WHAT TO WORK ON: Repeat all of the records exactly, leaving out the pictures.

GIVEN DATA:
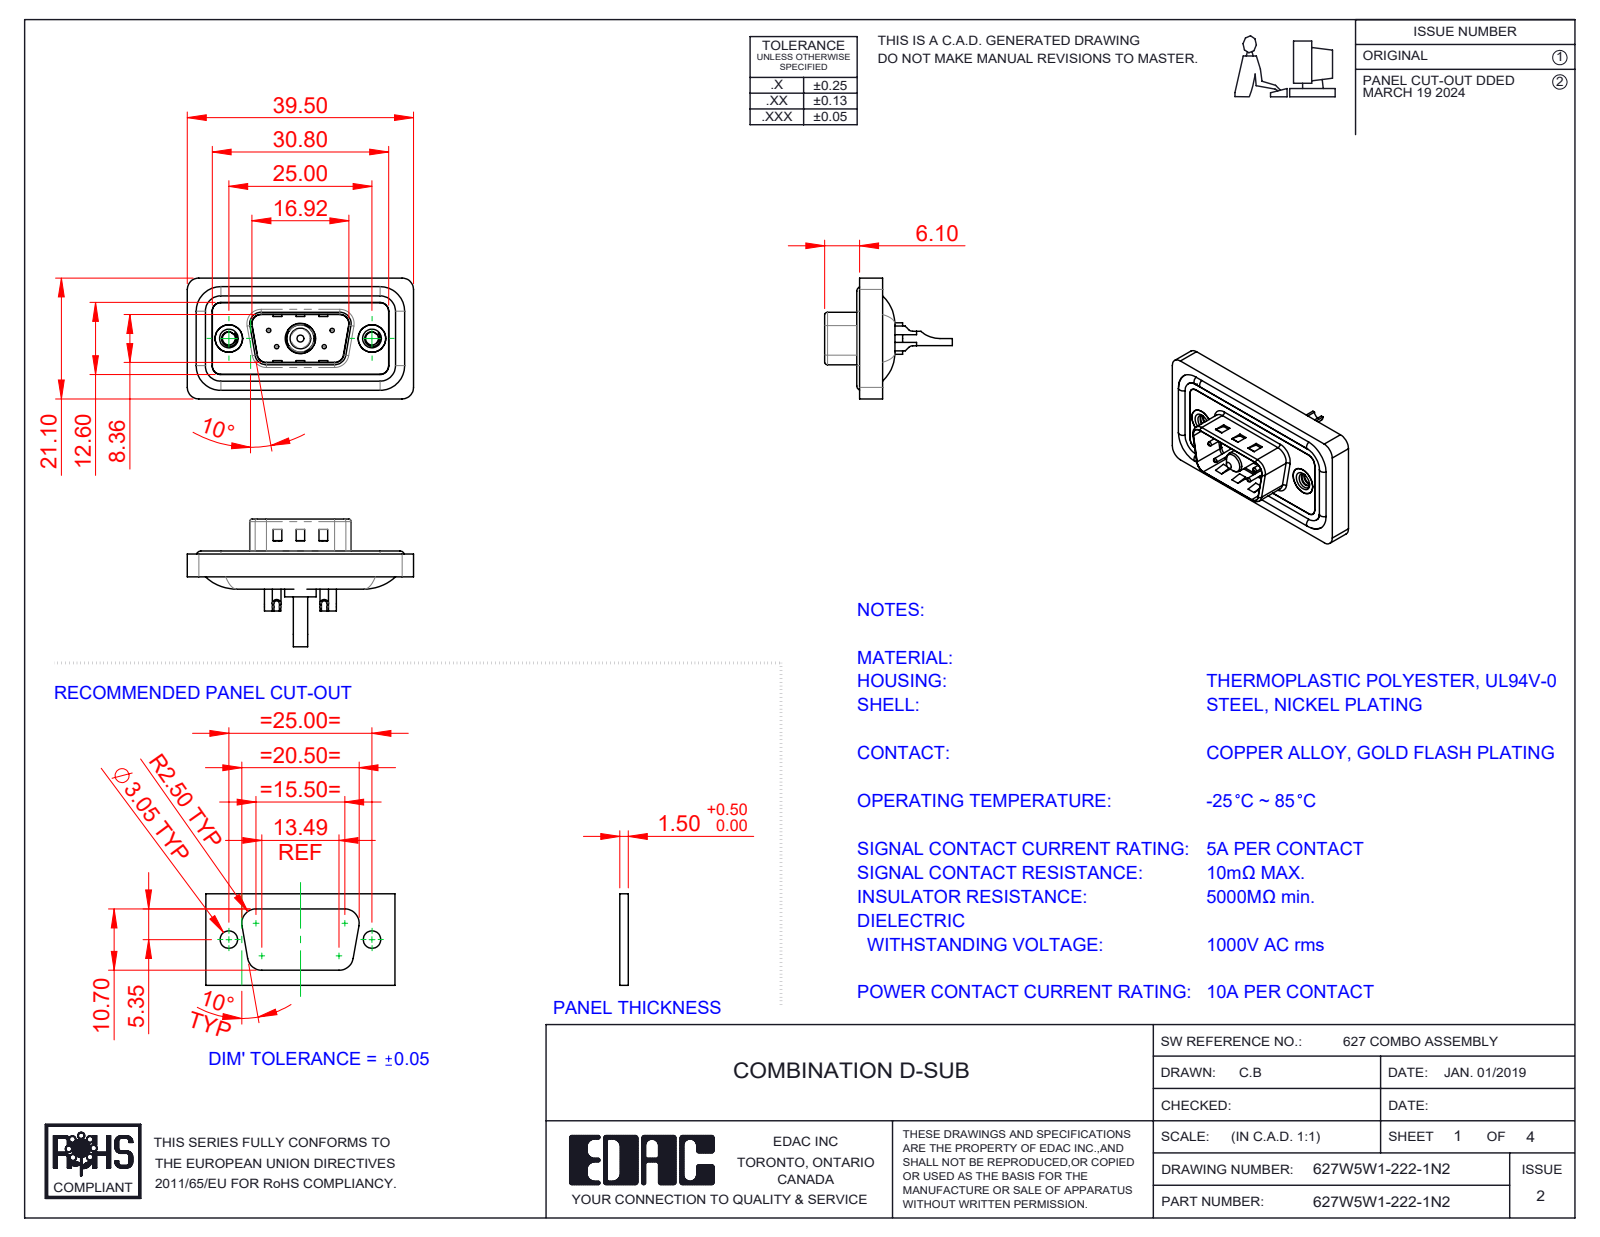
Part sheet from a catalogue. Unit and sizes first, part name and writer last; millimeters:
Units: millimetres
Overall size (bounding box): 39.5 × 22.3 × 21.1
Round holes (diameter × count): ⌀0.75 ×4, ⌀1 ×4, ⌀1.6 ×4, ⌀2 ×4, ⌀2.26 ×2, ⌀4 ×2, ⌀4.8 ×2, ⌀5 ×2, ⌀1.7 ×1, ⌀4.85 ×1, ⌀5.3 ×1
Round bosses / shafts (diameter × count): ⌀1.6 ×4, ⌀1.5 ×4, ⌀4.9 ×2, ⌀5.5 ×1, ⌀5.2 ×1, ⌀4.75 ×1, ⌀3.75 ×1, ⌀3.6 ×1
Partial cylindrical surfaces — rounded edges, fillets, slot ends (radius × count): R1.5 ×22, R2 ×18, R0.5 ×8, R1.6 ×8, R1 ×6, R0.25 ×4, R0.6 ×4, R0.65 ×4
Main face-to-face distances: 0.4, 1.1, 2.9, 1.6, 1.5, 3.1, 0.5, 2.5, 4, 0.8
Hole centre spacings: 3.16, 5.72, 7.1, 12.5, 18.1, 4.39, 4.4, 8.31
Volume: 4 391 mm³ · Surface area: 7 021 mm²
Bodies: 13 solids, 604 faces (193 planar, 266 cylindrical, 145 other)
Part name (STEP PRODUCT): 627Combo Threaded Rivet_2; 627W5W1-222-1N2; 627Combo Shell Rear_09 Contacts; 627Combo Contact Row 2_22 (+5 more)
STEP written by: SolidWorks 2023 (CONFIG_CONTROL_DESIGN)

OUTPUT FOR THIS EXERCISE:
Part sheet from a catalogue. Unit and sizes first, part name and writer last; millimeters:
Units: millimetres
Overall size (bounding box): 39.5 × 22.3 × 21.1
Round holes (diameter × count): ⌀0.75 ×4, ⌀1 ×4, ⌀1.6 ×4, ⌀2 ×4, ⌀2.26 ×2, ⌀4 ×2, ⌀4.8 ×2, ⌀5 ×2, ⌀1.7 ×1, ⌀4.85 ×1, ⌀5.3 ×1
Round bosses / shafts (diameter × count): ⌀1.6 ×4, ⌀1.5 ×4, ⌀4.9 ×2, ⌀5.5 ×1, ⌀5.2 ×1, ⌀4.75 ×1, ⌀3.75 ×1, ⌀3.6 ×1
Partial cylindrical surfaces — rounded edges, fillets, slot ends (radius × count): R1.5 ×22, R2 ×18, R0.5 ×8, R1.6 ×8, R1 ×6, R0.25 ×4, R0.6 ×4, R0.65 ×4
Main face-to-face distances: 0.4, 1.1, 2.9, 1.6, 1.5, 3.1, 0.5, 2.5, 4, 0.8
Hole centre spacings: 3.16, 5.72, 7.1, 12.5, 18.1, 4.39, 4.4, 8.31
Volume: 4 391 mm³ · Surface area: 7 021 mm²
Bodies: 13 solids, 604 faces (193 planar, 266 cylindrical, 145 other)
Part name (STEP PRODUCT): 627Combo Threaded Rivet_2; 627W5W1-222-1N2; 627Combo Shell Rear_09 Contacts; 627Combo Contact Row 2_22 (+5 more)
STEP written by: SolidWorks 2023 (CONFIG_CONTROL_DESIGN)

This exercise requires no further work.